How to create a S3 Datasource?

S3 Datasources

Attribute	Description
Datasource Name	Give the datasource a unique name.
Datasource Type	Type of datasource, in this case, it is S3.
Description	User can describe the datasource purpose and important information about the datasource.
Authorized Users	Amorphic users who can access this datasource.
S3 Bucket	Name of the bucket from which the dataset files have to be imported.
Datasource Access Type	There are two access types for this datasource Access Keys and Bucket Policy.
Version	Enables user to select which version of ingestion scripts to use (Amorphic specific). For any new feature/Glue version that gets added to the underlying ingestion script, new version will be added to the Amorphic.
S3 Bucket Region	Region where source S3 bucket is created. If the source bucket is in one of the regions (eu-south-1, af-south-1, me-south-1,ap-east-1) then this property needs to be provided and the region needs to be enabled in Amorphic else ingestion fails.

Note

For Redshift use cases involving a substantial volume of incoming files, it is advisable for the user to enable data load throttling and configure a maximum limit of 90 for Redshift.

Ingestion Timeout Configuration (API Only)

You can configure the ingestion process timeout during datasource creation by adding the IngestionTimeout key to the DatasourceConfig payload.

Value range: 1 to 2880 minutes
Default value: 480 minutes (8 hours) if not specified

POST - /datasources

Sample request payload to create S3 datasource
{
  "DatasourceName": "S3-Datasource",
  "DatasourceType": "s3",
  "Description": "Test description",
  "Keywords": [
    "Owner: Mark Liu"
  ],
  "DatasourceConfig": {
    "S3Bucket": "example-test-bucket",
    "S3BucketRegion": "us-east-1",
    "S3ConnectionType": "bucket_policy",
    "IngestionTimeout": 720
  }
}

info

The IngestionTimeout value set in the datasource can be overridden during schedule creation or schedule run by providing a MaxTimeOut argument.

Test Datasource

This functionality allows users to quickly verify the connectivity to the specified s3 bucket. By initiating this test, users can confirm if the s3 bucket details provided are accurate and functional, ensuring seamless access to the s3 bucket. Test S3 Datasource

Data migration to Amorphic

To migrate data to Amorphic, users must follow these steps:

Create a new Dataset and select the Datasource Type as S3. Choose the S3 datasource from the drop-down list
Provide the FileType and DirectoryPath if required, ensuring that only the data from the specified path and file type is extracted.
If necessary, create Partitions for the dataset(for S3Athena and LakeFormation only), this will ingest files into that specified partition and helps in better reading and the query performance.

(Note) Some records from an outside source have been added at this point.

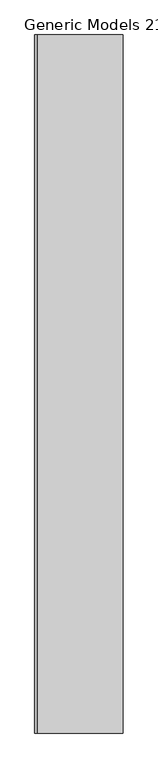
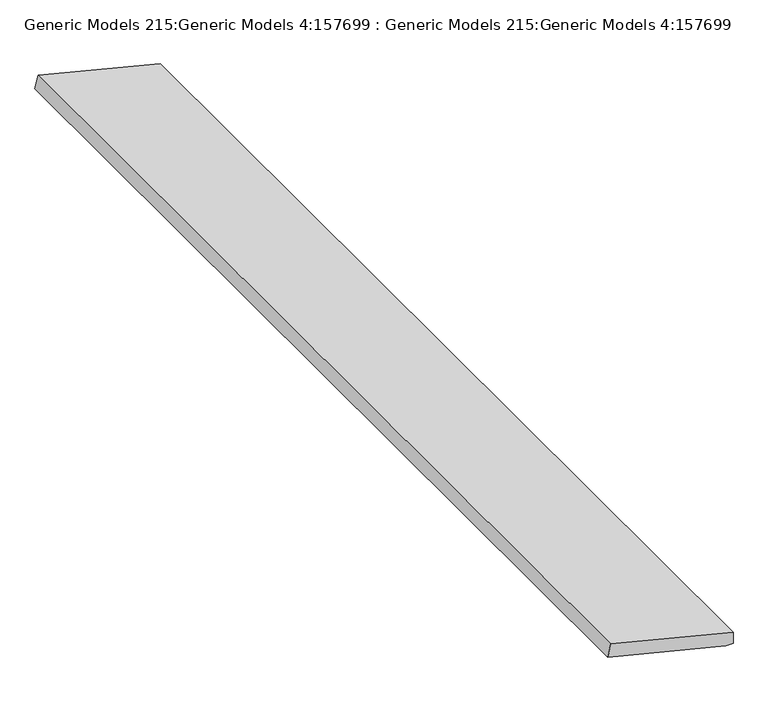
"""IFC4 building model written with IfcOpenShell, lengths in millimetres: proxy geometry, Generic Models 215:Generic Models 4:157699 : Generic Models 215:Generic Models 4:157699."""

from ifc_helpers import new_model, si_unit, frame, origin, place, context, project, spatial, polyline, outline, extrude, source, transform, mapped, element, save


def generic_models_215_generic_models_4_157699_generic_models_ff4495e3(model_context):
    return source(origin(), model_context, "Body", "SweptSolid", [
        extrude(outline(polyline([(6218.1368229, 1577.853213), (6438.4836, 1577.853213), (7012.8290519, -719.5285948), (6772.5732618, -779.5925423), (6218.1368229, 1438.153213), (6218.1368229, 1577.853213)])), frame((0.0, -6674.7974793, 0.0), z_axis=(0.0, 1.0, 0.0), x_axis=(0.0, 0.0, 1.0)), (0.0, 0.0, 1.0), 18643.6),
    ])


if __name__ == "__main__":
    model = new_model("IFC4")
    model_context = context("Model", 3, world=origin())
    ifc_project = project(units=[si_unit("LENGTHUNIT", "METRE", prefix="MILLI")], contexts=[model_context])
    site = spatial("IfcSite", under=ifc_project)
    building = spatial("IfcBuilding", under=site)
    placement = place(None, origin())
    generic_models_215_generic_models_4_157699_generic_models_shape = generic_models_215_generic_models_4_157699_generic_models_ff4495e3(model_context)
    element("IfcBuildingElementProxy", 1, Name="Generic Models 215:Generic Models 4:157699 : Generic Models 215:Generic Models 4:157699", ObjectType="Generic Models 215:Generic Models 4:157699 : Generic Models 215:Generic Models 4:157699", at=placement, inside=building, context=model_context, shape_type="MappedRepresentation", body=[
        mapped(generic_models_215_generic_models_4_157699_generic_models_shape, transform((0.0, 0.0, 0.0), x_axis=(1.0, 0.0, 0.0), y_axis=(0.0, 1.0, 0.0), z_axis=(0.0, 0.0, 1.0))),
    ])
    save(model, "model.ifc")

# Revit data of these elements
# Type "Generic Models 215:Generic Models 4:157699 : Generic Models 215:Generic Models 4:157699"
#   NameOverride = "Generic Models 215:Generic Models 4:157699"
#   ObjectTypeOverride = "Generic Models 215:Generic Models 4"
#   Reference = "Generic Models 4"
#   Category = "Generic Models"
#   Tag = "157699"
# Element 1 (IfcBuildingElementProxy, "Generic Models 215:Generic Models 4:157699 : Generic Models 215:Generic Models 4:157699")
#   Materials on its faces: "_BATT INSUL. (R-FACTOR = R30 MIN) OVER CLASS II VAPOR RETARDER(TOWARD INTERIOR) 50493"
# Materials
#   "_BATT INSUL. (R-FACTOR = R30 MIN) OVER CLASS II VAPOR RETARDER(TOWARD INTERIOR) 50493": class "Unassigned", colour RGB 200 166 247, transparency 0

After creating the dataset, the next step for the user is to set up a Schedule for data ingestion.

Create a schedule with the Type specified as DataIngestion and select the previously created dataset from the list.
If the user created any Partitions for the dataset, specify values for each partition.

This schedule will be responsible for ingesting data from the source S3 bucket into the target dataset that was created earlier. Once the user has set up the schedule for data ingestion and runs it successfully user can check the Amorphic dataset to verify that the files from the source S3 bucket have been successfully ingested and are now present in the dataset.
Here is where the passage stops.